-- Opening Marker --
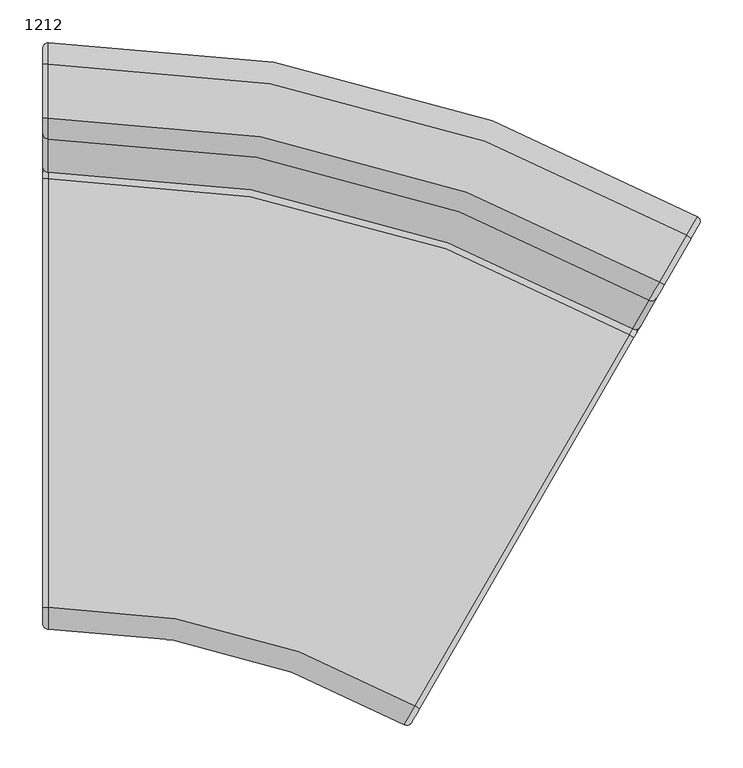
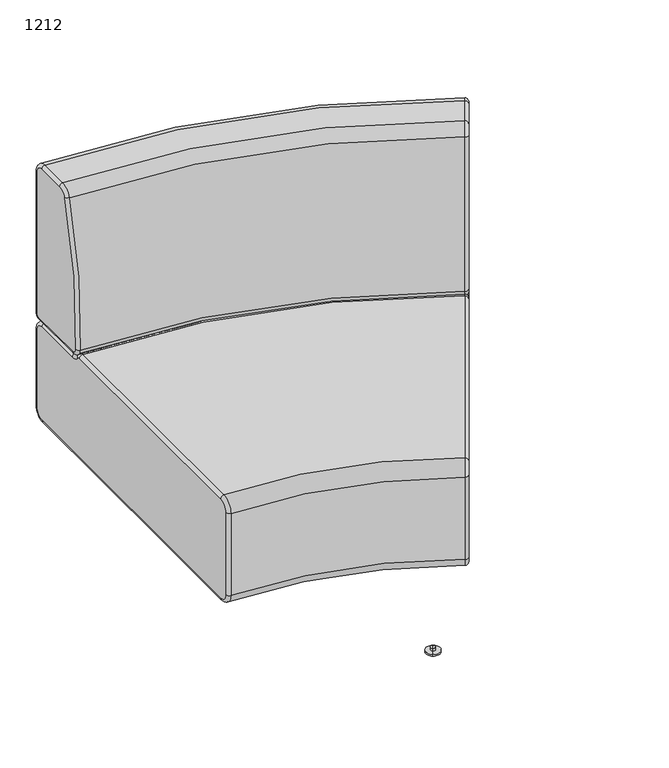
"""IFC4 building model written with IfcOpenShell, lengths in millimetres: furniture geometry, Laguna-Modular-Inside_Curve-ERG : 1212."""

from ifc_helpers import new_model, si_unit, point, frame, frame_2d, origin, place, context, project, spatial, polyline, circle_curve, ellipse_curve, trimmed, segment, composite_curve, outline, extrude, source, transform, mapped, element, save
from ifc_brep_helpers import plane_surface, cylinder_surface, revolved_surface, advanced_brep


def furniture_1212_c9eec584(model_context):
    return source(origin(), model_context, "Body", "SolidModel", [
        extrude(outline(composite_curve([segment(polyline([(-4404.7338738, 724.8009071), (-4456.4269302, 754.6459071)]), True, "CONTINUOUS"), segment(trimmed(circle_curve(frame_2d((-4453.8869302, 759.0453162)), 5.08), [point((-4456.4269302, 754.6459071))], [point((-4458.2863392, 761.5853162))], False, "CARTESIAN"), True, "CONTINUOUS"), segment(polyline([(-4458.2863392, 761.5853162), (-4438.6013392, 795.6807363)]), True, "CONTINUOUS"), segment(trimmed(circle_curve(frame_2d((-4434.2019302, 793.1407363)), 5.08), [point((-4438.6013392, 795.6807363))], [point((-4431.6619302, 797.5401454))], False, "CARTESIAN"), True, "CONTINUOUS"), segment(polyline([(-4431.6619302, 797.5401454), (-4379.9688738, 767.6951454)]), True, "CONTINUOUS"), segment(trimmed(circle_curve(frame_2d((-4382.5088738, 763.2957363)), 5.08), [point((-4379.9688738, 767.6951454))], [point((-4378.1094648, 760.7557363))], False, "CARTESIAN"), True, "CONTINUOUS"), segment(polyline([(-4378.1094648, 760.7557363), (-4397.7944648, 726.6603162)]), True, "CONTINUOUS"), segment(trimmed(circle_curve(frame_2d((-4402.1938738, 729.2003162)), 5.08), [point((-4397.7944648, 726.6603162))], [point((-4404.7338738, 724.8009071))], False, "CARTESIAN"), True, "CONTINUOUS")], self_intersect=False)), frame((0.0, 0.0, 200.66), z_axis=(0.0, 0.0, 1.0), x_axis=(1.0, 0.0, 0.0)), (0.0, 0.0, 1.0), 2.54),
        extrude(outline(composite_curve([segment(polyline([(-4133.7644856, 1194.1336548), (-4185.457542, 1223.9786548)]), True, "CONTINUOUS"), segment(trimmed(circle_curve(frame_2d((-4182.917542, 1228.3780638)), 5.08), [point((-4185.457542, 1223.9786548))], [point((-4187.316951, 1230.9180638))], False, "CARTESIAN"), True, "CONTINUOUS"), segment(polyline([(-4187.316951, 1230.9180638), (-4167.631951, 1265.013484)]), True, "CONTINUOUS"), segment(trimmed(circle_curve(frame_2d((-4163.232542, 1262.473484)), 5.08), [point((-4167.631951, 1265.013484))], [point((-4160.692542, 1266.872893))], False, "CARTESIAN"), True, "CONTINUOUS"), segment(polyline([(-4160.692542, 1266.872893), (-4108.9994856, 1237.027893)]), True, "CONTINUOUS"), segment(trimmed(circle_curve(frame_2d((-4111.5394856, 1232.628484)), 5.08), [point((-4108.9994856, 1237.027893))], [point((-4107.1400766, 1230.088484))], False, "CARTESIAN"), True, "CONTINUOUS"), segment(polyline([(-4107.1400766, 1230.088484), (-4126.8250766, 1195.9930638)]), True, "CONTINUOUS"), segment(trimmed(circle_curve(frame_2d((-4131.2244856, 1198.5330638)), 5.08), [point((-4126.8250766, 1195.9930638))], [point((-4133.7644856, 1194.1336548))], False, "CARTESIAN"), True, "CONTINUOUS")], self_intersect=False)), frame((0.0, 0.0, 200.66), z_axis=(0.0, 0.0, 1.0), x_axis=(1.0, 0.0, 0.0)), (0.0, 0.0, 1.0), 2.54),
        extrude(outline(composite_curve([segment(trimmed(circle_curve(frame_2d((-4739.5606322, 875.9836827)), 5.08), [point((-4739.5606322, 881.0636827))], [point((-4734.4806322, 875.9836827))], False, "CARTESIAN"), True, "CONTINUOUS"), segment(polyline([(-4734.4806322, 875.9836827), (-4734.4806322, 836.6136827)]), True, "CONTINUOUS"), segment(trimmed(circle_curve(frame_2d((-4739.5606322, 836.6136827)), 5.08), [point((-4734.4806322, 836.6136827))], [point((-4739.5606322, 831.5336827))], False, "CARTESIAN"), True, "CONTINUOUS"), segment(polyline([(-4739.5606322, 831.5336827), (-4799.2506322, 831.5336827)]), True, "CONTINUOUS"), segment(trimmed(circle_curve(frame_2d((-4799.2506322, 836.6136827)), 5.08), [point((-4799.2506322, 831.5336827))], [point((-4804.3306322, 836.6136827))], False, "CARTESIAN"), True, "CONTINUOUS"), segment(polyline([(-4804.3306322, 836.6136827), (-4804.3306322, 875.9836827)]), True, "CONTINUOUS"), segment(trimmed(circle_curve(frame_2d((-4799.2506322, 875.9836827)), 5.08), [point((-4804.3306322, 875.9836827))], [point((-4799.2506322, 881.0636827))], False, "CARTESIAN"), True, "CONTINUOUS"), segment(polyline([(-4799.2506322, 881.0636827), (-4739.5606322, 881.0636827)]), True, "CONTINUOUS")], self_intersect=False)), frame((0.0, 0.0, 200.66), z_axis=(0.0, 0.0, 1.0), x_axis=(1.0, 0.0, 0.0)), (0.0, 0.0, 1.0), 2.54),
        extrude(outline(composite_curve([segment(trimmed(circle_curve(frame_2d((-4739.5606322, 1416.9001303)), 5.08), [point((-4739.5606322, 1421.9801303))], [point((-4734.4806322, 1416.9001303))], False, "CARTESIAN"), True, "CONTINUOUS"), segment(polyline([(-4734.4806322, 1416.9001303), (-4734.4806322, 1377.5301303)]), True, "CONTINUOUS"), segment(trimmed(circle_curve(frame_2d((-4739.5606322, 1377.5301303)), 5.08), [point((-4734.4806322, 1377.5301303))], [point((-4739.5606322, 1372.4501303))], False, "CARTESIAN"), True, "CONTINUOUS"), segment(polyline([(-4739.5606322, 1372.4501303), (-4799.2506322, 1372.4501303)]), True, "CONTINUOUS"), segment(trimmed(circle_curve(frame_2d((-4799.2506322, 1377.5301303)), 5.08), [point((-4799.2506322, 1372.4501303))], [point((-4804.3306322, 1377.5301303))], False, "CARTESIAN"), True, "CONTINUOUS"), segment(polyline([(-4804.3306322, 1377.5301303), (-4804.3306322, 1416.9001303)]), True, "CONTINUOUS"), segment(trimmed(circle_curve(frame_2d((-4799.2506322, 1416.9001303)), 5.08), [point((-4804.3306322, 1416.9001303))], [point((-4799.2506322, 1421.9801303))], False, "CARTESIAN"), True, "CONTINUOUS"), segment(polyline([(-4799.2506322, 1421.9801303), (-4739.5606322, 1421.9801303)]), True, "CONTINUOUS")], self_intersect=False)), frame((0.0, 0.0, 200.66), z_axis=(0.0, 0.0, 1.0), x_axis=(1.0, 0.0, 0.0)), (0.0, 0.0, 1.0), 2.54),
        advanced_brep(
        [(-4832.9053779, 780.0986827, 228.6), (-4826.5553779, 773.7486827, 228.6), (-4826.5553779, 773.7486827, 406.4), (-4832.9053779, 780.0986827, 406.4), (-4832.9053779, 799.1486827, 425.45), (-4826.5553779, 799.1486827, 431.8), (-4826.5553779, 1301.2233489, 431.8), (-4832.9053779, 1301.2233489, 425.45), (-4826.5553779, 1312.6430873, 426.1507973), (-4832.9053779, 1307.5957246, 422.2976649), (-4826.5553779, 1326.8961182, 419.1), (-4832.9053779, 1326.8961182, 412.75), (-4826.5553779, 1435.2886296, 419.1), (-4832.9053779, 1435.2886296, 412.75), (-4826.5553779, 1460.6886296, 393.7), (-4832.9053779, 1454.3386296, 393.7), (-4826.5553779, 1460.6886296, 228.6), (-4832.9053779, 1454.3386296, 228.6), (-4826.5553779, 1435.2886296, 203.2), (-4832.9053779, 1435.2886296, 209.55), (-4826.5553779, 799.1486827, 203.2), (-4832.9053779, 799.1486827, 209.55), (-4145.731273, 1118.7970798, 431.8), (-4396.7686061, 683.9876643, 431.8), (-4140.0214037, 1128.6868634, 426.1507973), (-4132.8948883, 1141.0303502, 419.1), (-4078.6986404, 1234.9010052, 419.1), (-4065.9986326, 1256.8980639, 393.7), (-4065.9986326, 1256.8980639, 228.6000106), (-4078.6986326, 1234.9010186, 203.2), (-4396.7686061, 683.9876643, 203.2), (-4409.4686061, 661.990619, 406.4), (-4409.4686061, 661.990619, 228.6), (-4073.1993713, 1231.7260186, 209.55), (-4063.6743713, 1248.2238026, 228.6), (-4063.6743713, 1248.2238026, 393.7), (-4073.1993713, 1231.7260186, 412.75), (-4127.395627, 1137.8553502, 412.75), (-4137.0458238, 1121.140719, 422.2976649), (-4140.2320117, 1115.6220798, 425.45), (-4391.2693448, 680.8126643, 425.45), (-4400.7943448, 664.3148803, 406.4), (-4400.7943448, 664.3148803, 228.6), (-4391.2693448, 680.8126643, 209.55)],
        [
            (0, 1, circle_curve(frame((-4826.5553779, 780.0986827, 228.6), z_axis=(0.0, 0.0, 1.0), x_axis=(0.0, 1.0, 0.0)), 6.35)),
            (1, 2),
            (2, 3, circle_curve(frame((-4826.5553779, 780.0986827, 406.4), z_axis=(0.0, 0.0, -1.0), x_axis=(0.0, 1.0, 0.0)), 6.35)),
            (3, 0),
            (4, 5, circle_curve(frame((-4826.5553779, 799.1486827, 425.45), z_axis=(0.0, 1.0, 0.0), x_axis=(0.0, 0.0, -1.0)), 6.35)),
            (5, 6),
            (6, 7, circle_curve(frame((-4826.5553779, 1301.2233489, 425.45), z_axis=(0.0, -1.0, 0.0), x_axis=(0.0, 0.0, -1.0)), 6.35)),
            (7, 4),
            (6, 8, circle_curve(frame((-4826.5553779, 1301.2233489, 417.4330241), z_axis=(-1.0, 0.0, 0.0), x_axis=(0.0, 0.0, 1.0)), 14.3669759)),
            (8, 9, circle_curve(frame((-4826.5553779, 1307.5957246, 422.2976649), z_axis=(0.0, -0.6067924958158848, 0.7948602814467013), x_axis=(0.0, -0.7948602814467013, -0.6067924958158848)), 6.35)),
            (9, 7, circle_curve(frame((-4832.9053779, 1301.2233489, 417.4330241), z_axis=(1.0, 0.0, 0.0), x_axis=(0.0, 0.0, 1.0)), 8.0169759)),
            (8, 10, circle_curve(frame((-4826.5553779, 1326.8961182, 437.0314921), z_axis=(1.0, 0.0, 0.0), x_axis=(0.0, -0.7948602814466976, -0.6067924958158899)), 17.9314921)),
            (10, 11, circle_curve(frame((-4826.5553779, 1326.8961182, 412.75), z_axis=(0.0, -1.0, 0.0), x_axis=(0.0, 0.0, -1.0)), 6.35)),
            (11, 9, circle_curve(frame((-4832.9053779, 1326.8961182, 437.0314921), z_axis=(-1.0, 0.0, 0.0), x_axis=(0.0, -0.7948602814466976, -0.6067924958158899)), 24.2814921)),
            (10, 12),
            (12, 13, circle_curve(frame((-4826.5553779, 1435.2886296, 412.75), z_axis=(0.0, -1.0, 0.0), x_axis=(0.0, 0.0, -1.0)), 6.35)),
            (13, 11),
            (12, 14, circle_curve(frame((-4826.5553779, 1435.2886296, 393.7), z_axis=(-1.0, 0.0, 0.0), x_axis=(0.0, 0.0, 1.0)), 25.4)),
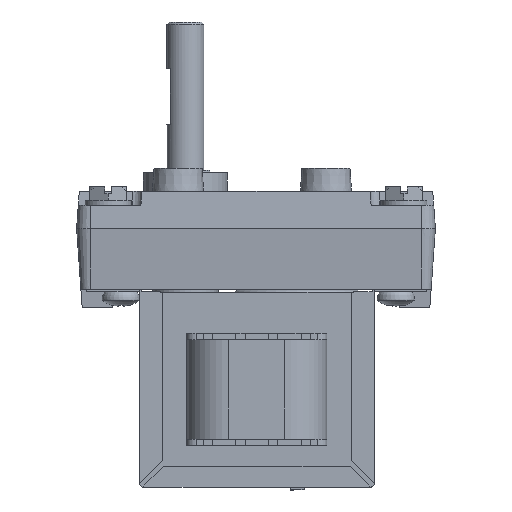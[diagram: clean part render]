
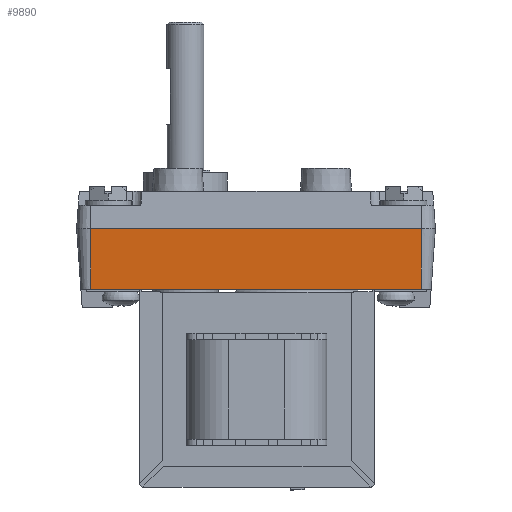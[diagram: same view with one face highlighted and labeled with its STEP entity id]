
A CAD part, left-side view. The second image highlights one B-rep face of the part: STEP entity #9890.
In plain terms, the highlighted planar face has unit normal (-0.998, 0, -0.07).
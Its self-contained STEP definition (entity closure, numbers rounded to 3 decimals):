
#453 = VERTEX_POINT ( 'NONE', #9196 ) ;
#506 = CARTESIAN_POINT ( 'NONE',  ( 0.909, 74., -13. ) ) ;
#881 = CARTESIAN_POINT ( 'NONE',  ( 0., 3., 0. ) ) ;
#1269 = EDGE_CURVE ( 'NONE', #11974, #453, #1342, .T. ) ;
#1342 = LINE ( 'NONE', #12016, #18643 ) ;
#1952 = CARTESIAN_POINT ( 'NONE',  ( 0.909, 74., -13. ) ) ;
#3603 = VECTOR ( 'NONE', #15270, 1000. ) ;
#3923 = VERTEX_POINT ( 'NONE', #13153 ) ;
#4091 = ORIENTED_EDGE ( 'NONE', *, *, #17515, .F. ) ;
#4154 = LINE ( 'NONE', #16043, #15901 ) ;
#5846 = DIRECTION ( 'NONE',  ( -0.998, 0., -0.07 ) ) ;
#6219 = DIRECTION ( 'NONE',  ( 0., -1., 0. ) ) ;
#7573 = DIRECTION ( 'NONE',  ( 0.07, 0., -0.998 ) ) ;
#7697 = FACE_OUTER_BOUND ( 'NONE', #19255, .T. ) ;
#8051 = VERTEX_POINT ( 'NONE', #506 ) ;
#8469 = LINE ( 'NONE', #15012, #21515 ) ;
#9196 = CARTESIAN_POINT ( 'NONE',  ( 0., 3., 0. ) ) ;
#9579 = AXIS2_PLACEMENT_3D ( 'NONE', #881, #5846, #7573 ) ;
#9890 = ADVANCED_FACE ( 'NONE', ( #7697 ), #17216, .T. ) ;
#11572 = EDGE_CURVE ( 'NONE', #3923, #453, #4154, .T. ) ;
#11974 = VERTEX_POINT ( 'NONE', #21000 ) ;
#12016 = CARTESIAN_POINT ( 'NONE',  ( 0., 3., 0. ) ) ;
#12973 = LINE ( 'NONE', #1952, #3603 ) ;
#13153 = CARTESIAN_POINT ( 'NONE',  ( 0., 74., 0. ) ) ;
#13779 = ORIENTED_EDGE ( 'NONE', *, *, #16267, .T. ) ;
#15012 = CARTESIAN_POINT ( 'NONE',  ( 0., 74., 0. ) ) ;
#15270 = DIRECTION ( 'NONE',  ( 0., -1., 0. ) ) ;
#15901 = VECTOR ( 'NONE', #6219, 1000. ) ;
#16043 = CARTESIAN_POINT ( 'NONE',  ( 0., 3., 0. ) ) ;
#16267 = EDGE_CURVE ( 'NONE', #8051, #11974, #12973, .T. ) ;
#17216 = PLANE ( 'NONE',  #9579 ) ;
#17381 = ORIENTED_EDGE ( 'NONE', *, *, #1269, .T. ) ;
#17515 = EDGE_CURVE ( 'NONE', #8051, #3923, #8469, .T. ) ;
#18521 = DIRECTION ( 'NONE',  ( -0.07, 0., 0.998 ) ) ;
#18572 = DIRECTION ( 'NONE',  ( -0.07, 0., 0.998 ) ) ;
#18643 = VECTOR ( 'NONE', #18572, 1000. ) ;
#19255 = EDGE_LOOP ( 'NONE', ( #19372, #4091, #13779, #17381 ) ) ;
#19372 = ORIENTED_EDGE ( 'NONE', *, *, #11572, .F. ) ;
#21000 = CARTESIAN_POINT ( 'NONE',  ( 0.909, 3., -13. ) ) ;
#21515 = VECTOR ( 'NONE', #18521, 1000. ) ;
-- Closing Marker --
* [Instructions to follow]
Since only part of the listing is wanted, copy exactly the lines from the one holding "#13779 = ORIENTED_EDGE" to the one holding "#16043 = CARTESIAN_POINT", both included.

* [Exercise solution]
#13779 = ORIENTED_EDGE ( 'NONE', *, *, #16267, .T. ) ;
#15012 = CARTESIAN_POINT ( 'NONE',  ( 0., 74., 0. ) ) ;
#15270 = DIRECTION ( 'NONE',  ( 0., -1., 0. ) ) ;
#15901 = VECTOR ( 'NONE', #6219, 1000. ) ;
#16043 = CARTESIAN_POINT ( 'NONE',  ( 0., 3., 0. ) ) ;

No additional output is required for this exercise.